2.2. Le document (1) a trait au désencrage ("deinking") de papier à l'aide de cellulases alcalines de Humicola insolens (page 2, paragraphe 3, et page 3, paragraphe 1 de la traduction anglaise). Ce document n'aborde ni l'égouttabilité, ni le degré SR, encore moins sa réduction. Faute pour la requérante de produire la preuve que le degré SR de la pulpe papetière décrite dans le document (1) correspond au degré SR tel que revendiqué, ce document n'anticipe pas le procédé de traitement de la revendication 1 du brevet contesté.
2.3. La Chambre ne peut pas non plus accepter l'argument de la requérante qui tentait de démontrer à l'aide du document (7), qui n'est pas un document publié antérieurement à la date de priorité du brevet contesté, que le procédé selon le document (1) conduisait également à une réduction du degré SR.

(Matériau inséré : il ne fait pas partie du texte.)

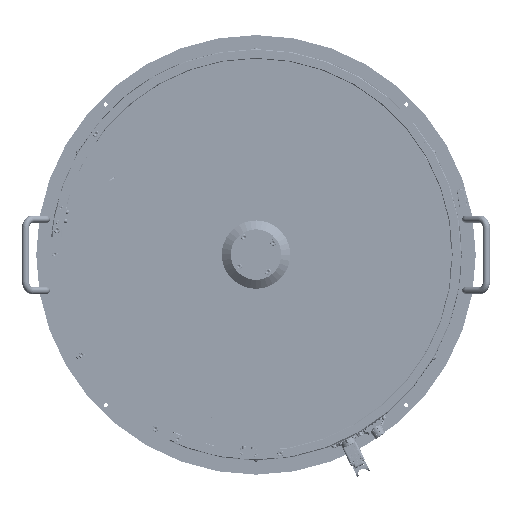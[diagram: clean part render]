
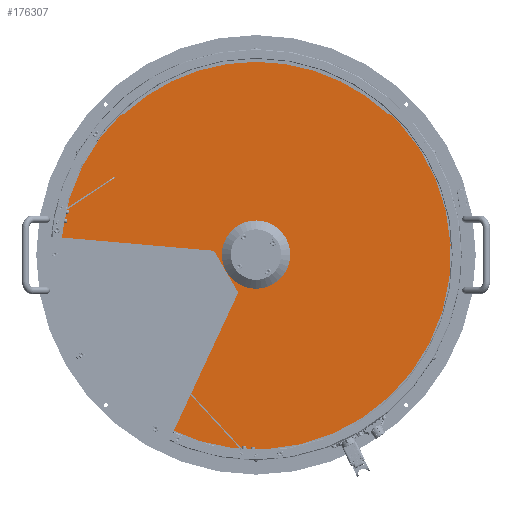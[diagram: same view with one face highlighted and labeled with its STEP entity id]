
A CAD part, top view. The second image highlights one B-rep face of the part: STEP entity #176307.
In plain terms, the highlighted planar face has unit normal (0, 0, 1) as drawn and (0, 0, -1) by its records, which use the part's own axes.
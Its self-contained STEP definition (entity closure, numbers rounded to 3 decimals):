
#17465 = CARTESIAN_POINT ( 'NONE',  ( 0., 0., 0. ) ) ;
#41726 = ORIENTED_EDGE ( 'NONE', *, *, #440299, .F. ) ;
#48633 = DIRECTION ( 'NONE',  ( 0., 0., 1. ) ) ;
#70056 = CIRCLE ( 'NONE', #359737, 328. ) ;
#73466 = CARTESIAN_POINT ( 'NONE',  ( 0., 0., 0. ) ) ;
#74276 = DIRECTION ( 'NONE',  ( 1., 0., 0. ) ) ;
#80041 = ORIENTED_EDGE ( 'NONE', *, *, #296527, .F. ) ;
#89453 = VERTEX_POINT ( 'NONE', #216485 ) ;
#92254 = DIRECTION ( 'NONE',  ( 1., 0., 0. ) ) ;
#126066 = CARTESIAN_POINT ( 'NONE',  ( 0., 0., 0. ) ) ;
#131233 = DIRECTION ( 'NONE',  ( 0., 0., 1. ) ) ;
#143575 = AXIS2_PLACEMENT_3D ( 'NONE', #271177, #429077, #74276 ) ;
#150639 = CARTESIAN_POINT ( 'NONE',  ( 42.6, 0., 0. ) ) ;
#169944 = FACE_OUTER_BOUND ( 'NONE', #259705, .T. ) ;
#172971 = DIRECTION ( 'NONE',  ( 1., 0., 0. ) ) ;
#176307 = ADVANCED_FACE ( 'NONE', ( #169944, #413340 ), #485928, .F. ) ;
#196546 = AXIS2_PLACEMENT_3D ( 'NONE', #126066, #131233, #92254 ) ;
#216485 = CARTESIAN_POINT ( 'NONE',  ( -42.6, 0., 0. ) ) ;
#217699 = ORIENTED_EDGE ( 'NONE', *, *, #498577, .T. ) ;
#221787 = CARTESIAN_POINT ( 'NONE',  ( -328., 0., 0. ) ) ;
#250724 = CARTESIAN_POINT ( 'NONE',  ( 0., 0., 0. ) ) ;
#256406 = EDGE_CURVE ( 'NONE', #89453, #265550, #366941, .T. ) ;
#259705 = EDGE_LOOP ( 'NONE', ( #41726, #80041 ) ) ;
#265550 = VERTEX_POINT ( 'NONE', #150639 ) ;
#271177 = CARTESIAN_POINT ( 'NONE',  ( 0., 0., 0. ) ) ;
#277167 = VERTEX_POINT ( 'NONE', #221787 ) ;
#283091 = ORIENTED_EDGE ( 'NONE', *, *, #256406, .T. ) ;
#296527 = EDGE_CURVE ( 'NONE', #337156, #277167, #70056, .T. ) ;
#318488 = CARTESIAN_POINT ( 'NONE',  ( 328., 0., 0. ) ) ;
#324627 = DIRECTION ( 'NONE',  ( 1., 0., 0. ) ) ;
#337156 = VERTEX_POINT ( 'NONE', #318488 ) ;
#350348 = CIRCLE ( 'NONE', #474076, 42.6 ) ;
#353289 = DIRECTION ( 'NONE',  ( 0., 0., 1. ) ) ;
#359737 = AXIS2_PLACEMENT_3D ( 'NONE', #17465, #48633, #172971 ) ;
#366941 = CIRCLE ( 'NONE', #143575, 42.6 ) ;
#391779 = AXIS2_PLACEMENT_3D ( 'NONE', #73466, #353289, #324627 ) ;
#413340 = FACE_BOUND ( 'NONE', #474503, .T. ) ;
#413761 = DIRECTION ( 'NONE',  ( 0., 0., 1. ) ) ;
#429077 = DIRECTION ( 'NONE',  ( 0., 0., 1. ) ) ;
#440299 = EDGE_CURVE ( 'NONE', #277167, #337156, #507511, .T. ) ;
#474076 = AXIS2_PLACEMENT_3D ( 'NONE', #250724, #413761, #496538 ) ;
#474503 = EDGE_LOOP ( 'NONE', ( #283091, #217699 ) ) ;
#485928 = PLANE ( 'NONE',  #196546 ) ;
#496538 = DIRECTION ( 'NONE',  ( 1., 0., 0. ) ) ;
#498577 = EDGE_CURVE ( 'NONE', #265550, #89453, #350348, .T. ) ;
#507511 = CIRCLE ( 'NONE', #391779, 328. ) ;

Il est vrai que le document (7) mentionne une réduction de la quantité de particules fines ("fines") et une égouttabilité améliorée après le désencrage ("deinking") à l'aide de cellulases alcalines (page 292, colonne gauche, lignes 6 à 9 et page 290, colonne gauche, lignes 14 à 15), cependant le traitement enzymatique de la pulpe a plutôt lieu en absence de produits chimiques de désencrage ("deinking chemicals") (page 292, colonne droite, lignes 9 à 11). A l'opposé de ce traitement selon le document (7), le procédé de désencrage du document (1) fait intervenir l'ajout de produits de désencrage ou bien simultanément ou bien successivement (page 3, paragraphe 3 et exemples). Comme l'effet des produits de désencrage sur l'égouttabilité ne sont pas connus, les résultats du document (7) ne peuvent pas remplacer des preuves manquantes, et ne peuvent par conséquent pas être pris en compte.
2.4. Après examen la Chambre est persuadée que les autres documents cités ne divulguent pas l'objet de la revendication 1 non plus. L'objet de la revendication 1 est nouveau et la revendication 1 satisfait aux conditions de l'article 54(2) CBE.
3. Activité inventive
3.1. Le brevet contesté concerne l'industrie du papier recyclé, plus particulièrement le traitement de pâtes papetières ; pour des suspensions avec un degré SR élevé, on est obligé d'augmenter la concentration des pâtes pour conserver une même cadence de fabrication. Cela entraîne une moins bonne formation des feuilles car les fibres se répartissent plus difficilement (page 2, lignes 24 à 26). La revendication 1 du brevet contesté prévoit d'utiliser le champignon Humicola insolens et la bactérie Cellulomonas dans une suspension aqueuse de la pâte papetière dont le pH est porté à une valeur supérieure à 6 afin d'améliorer l'égouttabilité et d'abaisser le degré SR.
3.2. Le problème technique tel que défini dans le brevet contesté était de trouver des préparations enzymatiques qui ne nécessitent pas de modifier le procédé de formage de la feuille et qui peuvent être utilisées à un pH supérieur aux pH utilisés jusqu'à présent (page 3, lignes 11 à 13).
Le procédé devrait exclure l'addition d'acide sulfurique, qui provoque des perturbations au niveau de la formation de la feuille sur la machine à papier, par exemple la diminution de l'efficacité de certains agents tels que les agents de rétention (page 3, lignes 1 à 4).
3.3. Un procédé de traitement d'une pâte papetière par une solution enzymatique était déjà divulgué par le document (2) qui est pris comme point de départ pour évaluer l'activité inventive.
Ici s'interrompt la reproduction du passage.